I believe what you're trying to grasp at is the Eigenstate Thermalization Hypothesis, which basically asks "how can it be that a quantum system obeys these statmech principles like Boltzmann distribution, etc"? This is a very deep question and the answers are honestly pretty case-by-case. Some systems (by system, I'm talking about both the quantum subsystem you're doing statmech on, along with the bath its coupled to) do obey eigenstate thermalization (upon which the eigenstates of the subsystem get probabilities proportional to the appropriate Boltzmann factor), some systems do not. This makes it a fairly complicated thing to study. In your situation, if you want to have any shot at really doing this first principles derivation of statmech from QM, you need to somehow couple your system to a heat bath and figure out how to analyze that.
This is a pretty pessimistic answer, so I'll offer you some guidance.

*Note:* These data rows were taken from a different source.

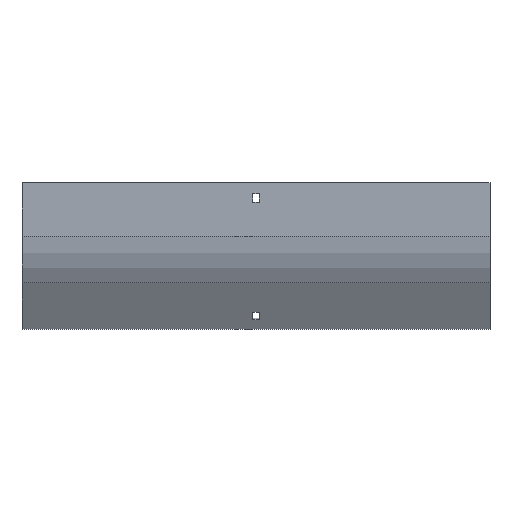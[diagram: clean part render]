
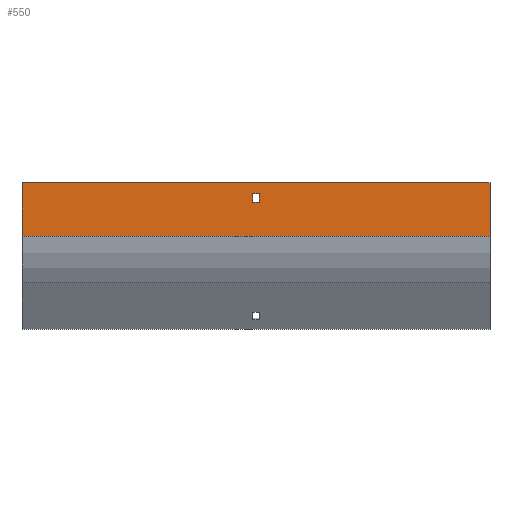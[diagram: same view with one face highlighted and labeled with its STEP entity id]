
A CAD part, front view. The second image highlights one B-rep face of the part: STEP entity #550.
In plain terms, the highlighted planar face has unit normal (0, -1, 0).
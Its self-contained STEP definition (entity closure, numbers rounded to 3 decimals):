
#6 = ORIENTED_EDGE ( 'NONE', *, *, #307, .F. ) ;
#23 = ORIENTED_EDGE ( 'NONE', *, *, #982, .T. ) ;
#37 = FACE_BOUND ( 'NONE', #1144, .T. ) ;
#118 = LINE ( 'NONE', #1943, #629 ) ;
#126 = DIRECTION ( 'NONE',  ( 0., 0., -1. ) ) ;
#157 = VECTOR ( 'NONE', #1234, 1000. ) ;
#164 = CARTESIAN_POINT ( 'NONE',  ( -252., -104., -57.867 ) ) ;
#271 = LINE ( 'NONE', #570, #598 ) ;
#297 = CARTESIAN_POINT ( 'NONE',  ( 252., -104., 0. ) ) ;
#307 = EDGE_CURVE ( 'NONE', #1919, #837, #886, .T. ) ;
#333 = CARTESIAN_POINT ( 'NONE',  ( -3.25, -104., -12. ) ) ;
#372 = DIRECTION ( 'NONE',  ( -1., 0., 0. ) ) ;
#376 = EDGE_CURVE ( 'NONE', #962, #1188, #1794, .T. ) ;
#380 = EDGE_LOOP ( 'NONE', ( #23, #1274, #6, #399 ) ) ;
#399 = ORIENTED_EDGE ( 'NONE', *, *, #1627, .T. ) ;
#445 = VECTOR ( 'NONE', #372, 1000. ) ;
#448 = CARTESIAN_POINT ( 'NONE',  ( -3.25, -104., -21. ) ) ;
#462 = DIRECTION ( 'NONE',  ( 0., 0., -1. ) ) ;
#515 = DIRECTION ( 'NONE',  ( 0., 0., 1. ) ) ;
#530 = EDGE_CURVE ( 'NONE', #1188, #702, #1666, .T. ) ;
#550 = ADVANCED_FACE ( 'NONE', ( #37, #651 ), #813, .F. ) ;
#570 = CARTESIAN_POINT ( 'NONE',  ( 252., -104., -57.867 ) ) ;
#592 = VECTOR ( 'NONE', #126, 1000. ) ;
#598 = VECTOR ( 'NONE', #731, 1000. ) ;
#629 = VECTOR ( 'NONE', #794, 1000. ) ;
#651 = FACE_OUTER_BOUND ( 'NONE', #380, .T. ) ;
#658 = CARTESIAN_POINT ( 'NONE',  ( 252., -104., -57.867 ) ) ;
#665 = VECTOR ( 'NONE', #755, 1000. ) ;
#689 = AXIS2_PLACEMENT_3D ( 'NONE', #922, #1074, #515 ) ;
#702 = VERTEX_POINT ( 'NONE', #448 ) ;
#731 = DIRECTION ( 'NONE',  ( -1., 0., 0. ) ) ;
#735 = EDGE_CURVE ( 'NONE', #702, #785, #118, .T. ) ;
#755 = DIRECTION ( 'NONE',  ( 0., 0., -1. ) ) ;
#784 = CARTESIAN_POINT ( 'NONE',  ( -3.25, -104., -21. ) ) ;
#785 = VERTEX_POINT ( 'NONE', #1808 ) ;
#794 = DIRECTION ( 'NONE',  ( 0., 0., 1. ) ) ;
#813 = PLANE ( 'NONE',  #689 ) ;
#837 = VERTEX_POINT ( 'NONE', #658 ) ;
#880 = VECTOR ( 'NONE', #462, 1000. ) ;
#886 = LINE ( 'NONE', #1478, #592 ) ;
#922 = CARTESIAN_POINT ( 'NONE',  ( 252., -104., -57.867 ) ) ;
#947 = LINE ( 'NONE', #164, #665 ) ;
#962 = VERTEX_POINT ( 'NONE', #1842 ) ;
#981 = EDGE_CURVE ( 'NONE', #785, #962, #1055, .T. ) ;
#982 = EDGE_CURVE ( 'NONE', #1280, #1286, #947, .T. ) ;
#1055 = LINE ( 'NONE', #333, #157 ) ;
#1074 = DIRECTION ( 'NONE',  ( 0., 1., 0. ) ) ;
#1140 = ORIENTED_EDGE ( 'NONE', *, *, #735, .T. ) ;
#1144 = EDGE_LOOP ( 'NONE', ( #1485, #1140, #1371, #1392 ) ) ;
#1188 = VERTEX_POINT ( 'NONE', #1933 ) ;
#1195 = DIRECTION ( 'NONE',  ( -1., 0., 0. ) ) ;
#1218 = CARTESIAN_POINT ( 'NONE',  ( -252., -104., -57.867 ) ) ;
#1234 = DIRECTION ( 'NONE',  ( 1., 0., 0. ) ) ;
#1274 = ORIENTED_EDGE ( 'NONE', *, *, #1890, .F. ) ;
#1280 = VERTEX_POINT ( 'NONE', #1671 ) ;
#1286 = VERTEX_POINT ( 'NONE', #1218 ) ;
#1354 = VECTOR ( 'NONE', #1195, 1000. ) ;
#1371 = ORIENTED_EDGE ( 'NONE', *, *, #981, .T. ) ;
#1392 = ORIENTED_EDGE ( 'NONE', *, *, #376, .T. ) ;
#1478 = CARTESIAN_POINT ( 'NONE',  ( 252., -104., -57.867 ) ) ;
#1485 = ORIENTED_EDGE ( 'NONE', *, *, #530, .T. ) ;
#1544 = CARTESIAN_POINT ( 'NONE',  ( 252., -104., 0. ) ) ;
#1624 = CARTESIAN_POINT ( 'NONE',  ( 3.25, -104., -21. ) ) ;
#1627 = EDGE_CURVE ( 'NONE', #1919, #1280, #1630, .T. ) ;
#1630 = LINE ( 'NONE', #297, #1354 ) ;
#1666 = LINE ( 'NONE', #784, #445 ) ;
#1671 = CARTESIAN_POINT ( 'NONE',  ( -252., -104., 0. ) ) ;
#1794 = LINE ( 'NONE', #1624, #880 ) ;
#1808 = CARTESIAN_POINT ( 'NONE',  ( -3.25, -104., -12. ) ) ;
#1842 = CARTESIAN_POINT ( 'NONE',  ( 3.25, -104., -12. ) ) ;
#1890 = EDGE_CURVE ( 'NONE', #837, #1286, #271, .T. ) ;
#1919 = VERTEX_POINT ( 'NONE', #1544 ) ;
#1933 = CARTESIAN_POINT ( 'NONE',  ( 3.25, -104., -21. ) ) ;
#1943 = CARTESIAN_POINT ( 'NONE',  ( -3.25, -104., -21. ) ) ;
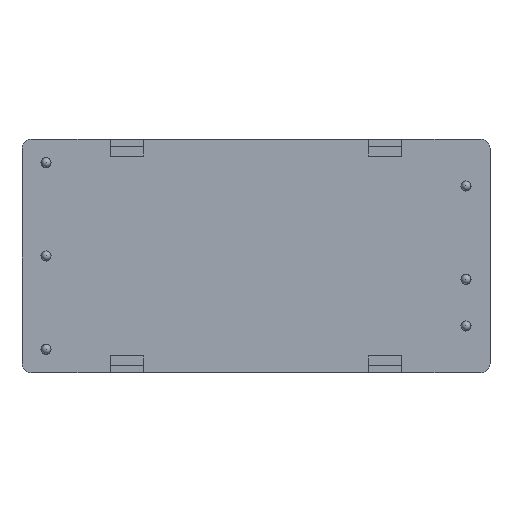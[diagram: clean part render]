
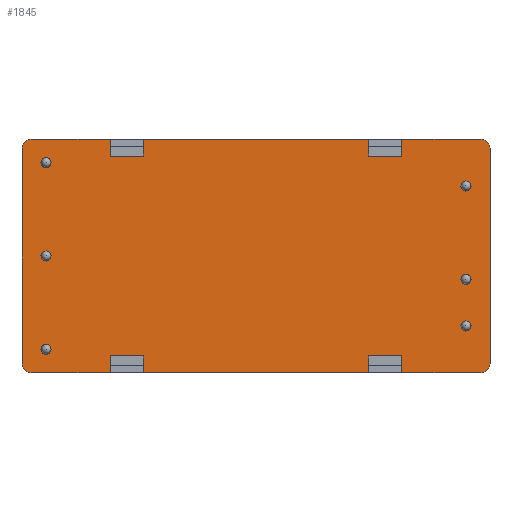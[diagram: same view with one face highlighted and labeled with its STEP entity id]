
A CAD part, top view. The second image highlights one B-rep face of the part: STEP entity #1845.
In plain terms, the highlighted planar face has unit normal (0, 0, 1).
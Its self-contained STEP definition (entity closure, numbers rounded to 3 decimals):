
#73=LINE('',#2714,#257);
#76=LINE('',#2719,#260);
#81=LINE('',#2728,#265);
#89=LINE('',#2746,#273);
#92=LINE('',#2751,#276);
#97=LINE('',#2760,#281);
#105=LINE('',#2777,#289);
#109=LINE('',#2785,#293);
#112=LINE('',#2790,#296);
#121=LINE('',#2809,#305);
#126=LINE('',#2819,#310);
#130=LINE('',#2825,#314);
#133=LINE('',#2831,#317);
#134=LINE('',#2834,#318);
#138=LINE('',#2840,#322);
#141=LINE('',#2846,#325);
#142=LINE('',#2849,#326);
#146=LINE('',#2855,#330);
#181=LINE('',#3001,#365);
#185=LINE('',#3012,#369);
#257=VECTOR('',#2183,3.6);
#260=VECTOR('',#2188,1.85);
#265=VECTOR('',#2195,1.85);
#273=VECTOR('',#2207,3.6);
#276=VECTOR('',#2212,1.85);
#281=VECTOR('',#2219,1.85);
#289=VECTOR('',#2231,1.85);
#293=VECTOR('',#2237,3.6);
#296=VECTOR('',#2242,1.85);
#305=VECTOR('',#2255,1.85);
#310=VECTOR('',#2262,1.85);
#314=VECTOR('',#2268,3.6);
#317=VECTOR('',#2273,8.6);
#318=VECTOR('',#2276,8.6);
#322=VECTOR('',#2282,24.5);
#325=VECTOR('',#2287,8.6);
#326=VECTOR('',#2290,8.6);
#330=VECTOR('',#2296,24.5);
#365=VECTOR('',#2461,23.4);
#369=VECTOR('',#2475,23.4);
#441=PLANE('',#2005);
#485=FACE_BOUND('',#714,.T.);
#486=FACE_BOUND('',#715,.T.);
#487=FACE_BOUND('',#716,.T.);
#488=FACE_BOUND('',#717,.T.);
#489=FACE_BOUND('',#718,.T.);
#490=FACE_BOUND('',#719,.T.);
#579=FACE_OUTER_BOUND('',#713,.T.);
#713=EDGE_LOOP('',(#1615,#1616,#1617,#1618,#1619,#1620,#1621,#1622,#1623,
#1624,#1625,#1626,#1627,#1628,#1629,#1630,#1631,#1632,#1633,#1634,#1635,
#1636,#1637,#1638));
#714=EDGE_LOOP('',(#1639));
#715=EDGE_LOOP('',(#1640));
#716=EDGE_LOOP('',(#1641));
#717=EDGE_LOOP('',(#1642));
#718=EDGE_LOOP('',(#1643));
#719=EDGE_LOOP('',(#1644));
#758=CIRCLE('',#1945,0.55);
#760=CIRCLE('',#1948,0.55);
#762=CIRCLE('',#1951,0.55);
#764=CIRCLE('',#1954,0.55);
#766=CIRCLE('',#1957,0.55);
#768=CIRCLE('',#1960,0.55);
#785=CIRCLE('',#1997,1.025);
#786=CIRCLE('',#1999,1.025);
#787=CIRCLE('',#2002,1.025);
#788=CIRCLE('',#2004,1.025);
#855=VERTEX_POINT('',#2711);
#856=VERTEX_POINT('',#2713);
#857=VERTEX_POINT('',#2718);
#860=VERTEX_POINT('',#2726);
#867=VERTEX_POINT('',#2743);
#868=VERTEX_POINT('',#2745);
#869=VERTEX_POINT('',#2750);
#872=VERTEX_POINT('',#2758);
#878=VERTEX_POINT('',#2774);
#879=VERTEX_POINT('',#2776);
#882=VERTEX_POINT('',#2784);
#883=VERTEX_POINT('',#2789);
#890=VERTEX_POINT('',#2806);
#891=VERTEX_POINT('',#2808);
#894=VERTEX_POINT('',#2816);
#895=VERTEX_POINT('',#2818);
#898=VERTEX_POINT('',#2829);
#899=VERTEX_POINT('',#2833);
#902=VERTEX_POINT('',#2844);
#903=VERTEX_POINT('',#2848);
#918=VERTEX_POINT('',#2893);
#920=VERTEX_POINT('',#2898);
#922=VERTEX_POINT('',#2903);
#924=VERTEX_POINT('',#2908);
#926=VERTEX_POINT('',#2913);
#928=VERTEX_POINT('',#2918);
#949=VERTEX_POINT('',#2999);
#950=VERTEX_POINT('',#3000);
#951=VERTEX_POINT('',#3007);
#952=VERTEX_POINT('',#3011);
#1035=EDGE_CURVE('',#856,#855,#73,.T.);
#1038=EDGE_CURVE('',#857,#856,#76,.T.);
#1043=EDGE_CURVE('',#855,#860,#81,.T.);
#1051=EDGE_CURVE('',#868,#867,#89,.T.);
#1054=EDGE_CURVE('',#869,#868,#92,.T.);
#1059=EDGE_CURVE('',#867,#872,#97,.T.);
#1067=EDGE_CURVE('',#879,#878,#105,.T.);
#1071=EDGE_CURVE('',#882,#879,#109,.T.);
#1074=EDGE_CURVE('',#883,#882,#112,.T.);
#1083=EDGE_CURVE('',#891,#890,#121,.T.);
#1088=EDGE_CURVE('',#895,#894,#126,.T.);
#1092=EDGE_CURVE('',#890,#895,#130,.T.);
#1095=EDGE_CURVE('',#898,#872,#133,.T.);
#1096=EDGE_CURVE('',#857,#899,#134,.T.);
#1100=EDGE_CURVE('',#869,#860,#138,.T.);
#1103=EDGE_CURVE('',#902,#894,#141,.T.);
#1104=EDGE_CURVE('',#883,#903,#142,.T.);
#1108=EDGE_CURVE('',#891,#878,#146,.T.);
#1128=EDGE_CURVE('',#918,#918,#758,.T.);
#1130=EDGE_CURVE('',#920,#920,#760,.T.);
#1132=EDGE_CURVE('',#922,#922,#762,.T.);
#1134=EDGE_CURVE('',#924,#924,#764,.T.);
#1136=EDGE_CURVE('',#926,#926,#766,.T.);
#1138=EDGE_CURVE('',#928,#928,#768,.T.);
#1179=EDGE_CURVE('',#949,#950,#181,.T.);
#1182=EDGE_CURVE('',#950,#898,#785,.T.);
#1183=EDGE_CURVE('',#899,#951,#786,.T.);
#1185=EDGE_CURVE('',#951,#952,#185,.T.);
#1187=EDGE_CURVE('',#952,#902,#787,.T.);
#1188=EDGE_CURVE('',#903,#949,#788,.T.);
#1615=ORIENTED_EDGE('',*,*,#1043,.T.);
#1616=ORIENTED_EDGE('',*,*,#1100,.F.);
#1617=ORIENTED_EDGE('',*,*,#1054,.T.);
#1618=ORIENTED_EDGE('',*,*,#1051,.T.);
#1619=ORIENTED_EDGE('',*,*,#1059,.T.);
#1620=ORIENTED_EDGE('',*,*,#1095,.F.);
#1621=ORIENTED_EDGE('',*,*,#1182,.F.);
#1622=ORIENTED_EDGE('',*,*,#1179,.F.);
#1623=ORIENTED_EDGE('',*,*,#1188,.F.);
#1624=ORIENTED_EDGE('',*,*,#1104,.F.);
#1625=ORIENTED_EDGE('',*,*,#1074,.T.);
#1626=ORIENTED_EDGE('',*,*,#1071,.T.);
#1627=ORIENTED_EDGE('',*,*,#1067,.T.);
#1628=ORIENTED_EDGE('',*,*,#1108,.F.);
#1629=ORIENTED_EDGE('',*,*,#1083,.T.);
#1630=ORIENTED_EDGE('',*,*,#1092,.T.);
#1631=ORIENTED_EDGE('',*,*,#1088,.T.);
#1632=ORIENTED_EDGE('',*,*,#1103,.F.);
#1633=ORIENTED_EDGE('',*,*,#1187,.F.);
#1634=ORIENTED_EDGE('',*,*,#1185,.F.);
#1635=ORIENTED_EDGE('',*,*,#1183,.F.);
#1636=ORIENTED_EDGE('',*,*,#1096,.F.);
#1637=ORIENTED_EDGE('',*,*,#1038,.T.);
#1638=ORIENTED_EDGE('',*,*,#1035,.T.);
#1639=ORIENTED_EDGE('',*,*,#1128,.T.);
#1640=ORIENTED_EDGE('',*,*,#1130,.T.);
#1641=ORIENTED_EDGE('',*,*,#1132,.T.);
#1642=ORIENTED_EDGE('',*,*,#1134,.T.);
#1643=ORIENTED_EDGE('',*,*,#1136,.T.);
#1644=ORIENTED_EDGE('',*,*,#1138,.T.);
#1845=ADVANCED_FACE('',(#579,#485,#486,#487,#488,#489,#490),#441,.T.);
#1945=AXIS2_PLACEMENT_3D('',#2894,#2335,#2336);
#1948=AXIS2_PLACEMENT_3D('',#2899,#2341,#2342);
#1951=AXIS2_PLACEMENT_3D('',#2904,#2347,#2348);
#1954=AXIS2_PLACEMENT_3D('',#2909,#2353,#2354);
#1957=AXIS2_PLACEMENT_3D('',#2914,#2359,#2360);
#1960=AXIS2_PLACEMENT_3D('',#2919,#2365,#2366);
#1997=AXIS2_PLACEMENT_3D('',#3005,#2466,#2467);
#1999=AXIS2_PLACEMENT_3D('',#3008,#2470,#2471);
#2002=AXIS2_PLACEMENT_3D('',#3015,#2479,#2480);
#2004=AXIS2_PLACEMENT_3D('',#3017,#2483,#2484);
#2005=AXIS2_PLACEMENT_3D('',#3018,#2485,#2486);
#2183=DIRECTION('',(1.,0.,0.));
#2188=DIRECTION('',(0.,1.,0.));
#2195=DIRECTION('',(0.,-1.,0.));
#2207=DIRECTION('',(1.,0.,0.));
#2212=DIRECTION('',(0.,1.,0.));
#2219=DIRECTION('',(0.,-1.,0.));
#2231=DIRECTION('',(0.,1.,0.));
#2237=DIRECTION('',(-1.,0.,0.));
#2242=DIRECTION('',(0.,-1.,0.));
#2255=DIRECTION('',(0.,-1.,0.));
#2262=DIRECTION('',(0.,1.,0.));
#2268=DIRECTION('',(-1.,0.,0.));
#2273=DIRECTION('',(-1.,0.,0.));
#2276=DIRECTION('',(-1.,0.,0.));
#2282=DIRECTION('',(-1.,0.,0.));
#2287=DIRECTION('',(1.,0.,0.));
#2290=DIRECTION('',(1.,0.,0.));
#2296=DIRECTION('',(1.,0.,0.));
#2335=DIRECTION('center_axis',(0.,0.,
-1.));
#2336=DIRECTION('ref_axis',(-1.,0.,0.));
#2341=DIRECTION('center_axis',(0.,0.,
-1.));
#2342=DIRECTION('ref_axis',(-1.,0.,0.));
#2347=DIRECTION('center_axis',(0.,0.,
-1.));
#2348=DIRECTION('ref_axis',(-1.,0.,0.));
#2353=DIRECTION('center_axis',(0.,0.,
-1.));
#2354=DIRECTION('ref_axis',(-1.,0.,0.));
#2359=DIRECTION('center_axis',(0.,0.,
-1.));
#2360=DIRECTION('ref_axis',(-1.,0.,0.));
#2365=DIRECTION('center_axis',(0.,0.,
-1.));
#2366=DIRECTION('ref_axis',(-1.,0.,0.));
#2461=DIRECTION('',(0.,-1.,0.));
#2466=DIRECTION('center_axis',(0.,0.,-1.));
#2467=DIRECTION('ref_axis',(0.,1.,0.));
#2470=DIRECTION('center_axis',(0.,0.,-1.));
#2471=DIRECTION('ref_axis',(1.,0.,0.));
#2475=DIRECTION('',(0.,1.,0.));
#2479=DIRECTION('center_axis',(0.,0.,-1.));
#2480=DIRECTION('ref_axis',(0.,-1.,0.));
#2483=DIRECTION('center_axis',(0.,0.,-1.));
#2484=DIRECTION('ref_axis',(-1.,0.,0.));
#2485=DIRECTION('center_axis',(0.,0.,
1.));
#2486=DIRECTION('ref_axis',(1.,0.,0.));
#2711=CARTESIAN_POINT('',(-12.25,-10.875,11.));
#2713=CARTESIAN_POINT('',(-15.85,-10.875,11.));
#2714=CARTESIAN_POINT('',(-6.125,-10.875,11.));
#2718=CARTESIAN_POINT('',(-15.85,-12.725,11.));
#2719=CARTESIAN_POINT('',(-15.85,-5.438,11.));
#2726=CARTESIAN_POINT('',(-12.25,-12.725,11.));
#2728=CARTESIAN_POINT('',(-12.25,-6.363,11.));
#2743=CARTESIAN_POINT('',(15.85,-10.875,11.));
#2745=CARTESIAN_POINT('',(12.25,-10.875,11.));
#2746=CARTESIAN_POINT('',(7.925,-10.875,11.));
#2750=CARTESIAN_POINT('',(12.25,-12.725,11.));
#2751=CARTESIAN_POINT('',(12.25,-5.438,11.));
#2758=CARTESIAN_POINT('',(15.85,-12.725,11.));
#2760=CARTESIAN_POINT('',(15.85,-6.363,11.));
#2774=CARTESIAN_POINT('',(12.25,12.725,11.));
#2776=CARTESIAN_POINT('',(12.25,10.875,11.));
#2777=CARTESIAN_POINT('',(12.25,6.363,11.));
#2784=CARTESIAN_POINT('',(15.85,10.875,11.));
#2785=CARTESIAN_POINT('',(6.125,10.875,11.));
#2789=CARTESIAN_POINT('',(15.85,12.725,11.));
#2790=CARTESIAN_POINT('',(15.85,5.438,11.));
#2806=CARTESIAN_POINT('',(-12.25,10.875,11.));
#2808=CARTESIAN_POINT('',(-12.25,12.725,11.));
#2809=CARTESIAN_POINT('',(-12.25,5.438,11.));
#2816=CARTESIAN_POINT('',(-15.85,12.725,11.));
#2818=CARTESIAN_POINT('',(-15.85,10.875,11.));
#2819=CARTESIAN_POINT('',(-15.85,6.363,11.));
#2825=CARTESIAN_POINT('',(-7.925,10.875,11.));
#2829=CARTESIAN_POINT('',(24.45,-12.725,11.));
#2831=CARTESIAN_POINT('',(24.45,-12.725,11.));
#2833=CARTESIAN_POINT('',(-24.45,-12.725,11.));
#2834=CARTESIAN_POINT('',(24.45,-12.725,11.));
#2840=CARTESIAN_POINT('',(24.45,-12.725,11.));
#2844=CARTESIAN_POINT('',(-24.45,12.725,11.));
#2846=CARTESIAN_POINT('',(-24.45,12.725,11.));
#2848=CARTESIAN_POINT('',(24.45,12.725,11.));
#2849=CARTESIAN_POINT('',(-24.45,12.725,11.));
#2855=CARTESIAN_POINT('',(-24.45,12.725,11.));
#2893=CARTESIAN_POINT('',(-22.31,0.,11.));
#2894=CARTESIAN_POINT('Origin',(-22.86,0.,11.));
#2898=CARTESIAN_POINT('',(23.41,-7.62,11.));
#2899=CARTESIAN_POINT('Origin',(22.86,-7.62,11.));
#2903=CARTESIAN_POINT('',(23.41,7.62,11.));
#2904=CARTESIAN_POINT('Origin',(22.86,7.62,11.));
#2908=CARTESIAN_POINT('',(23.41,-2.54,11.));
#2909=CARTESIAN_POINT('Origin',(22.86,-2.54,11.));
#2913=CARTESIAN_POINT('',(-22.31,10.16,11.));
#2914=CARTESIAN_POINT('Origin',(-22.86,10.16,11.));
#2918=CARTESIAN_POINT('',(-22.31,-10.16,11.));
#2919=CARTESIAN_POINT('Origin',(-22.86,-10.16,11.));
#2999=CARTESIAN_POINT('',(25.475,11.7,11.));
#3000=CARTESIAN_POINT('',(25.475,-11.7,11.));
#3001=CARTESIAN_POINT('',(25.475,11.7,11.));
#3005=CARTESIAN_POINT('Origin',(24.45,-11.7,11.));
#3007=CARTESIAN_POINT('',(-25.475,-11.7,11.));
#3008=CARTESIAN_POINT('Origin',(-24.45,-11.7,11.));
#3011=CARTESIAN_POINT('',(-25.475,11.7,11.));
#3012=CARTESIAN_POINT('',(-25.475,-11.7,11.));
#3015=CARTESIAN_POINT('Origin',(-24.45,11.7,11.));
#3017=CARTESIAN_POINT('Origin',(24.45,11.7,11.));
#3018=CARTESIAN_POINT('Origin',(0.,0.,11.));

I just took this statmech final http://pages.physics.cornell.edu/~sethna/teaching/562/HW/Final20.pdf and the last question ("Heisenberg Entanglement") is a neat little exercise that shows you how you can see eigenstate thermalization in a quantum system.
Basically, he takes a "spin chain"—a 1 dimensional Heisenberg antiferromagnet—and treats some collection of spins in that chain as his "system" and the rest as a "heat bath", although the quantum mechanics of the full system (i.e. diagonalization of the Hamiltonian) is exactly solved for on a computer. I think you should just go ahead and solve this problem (though you'll need to know density matrices, and this final exam's previous problem has helpful guidance with partial traces which are also crucial, and you'll also need to know how to code, though it's pretty basic in a language like Matlab which has all the fancy tools built in). 
I realize the above problem is spins and not Schrodinger's wave equation, but I think you should start by thinking about simple, finite level systems like spin models just because they're more analytically tractable.
(BTW, the final exam I'm referencing has already been completed and graded so I think it's OK to discuss on the internet. It's also anyway a textbook problem in the same Prof's book.)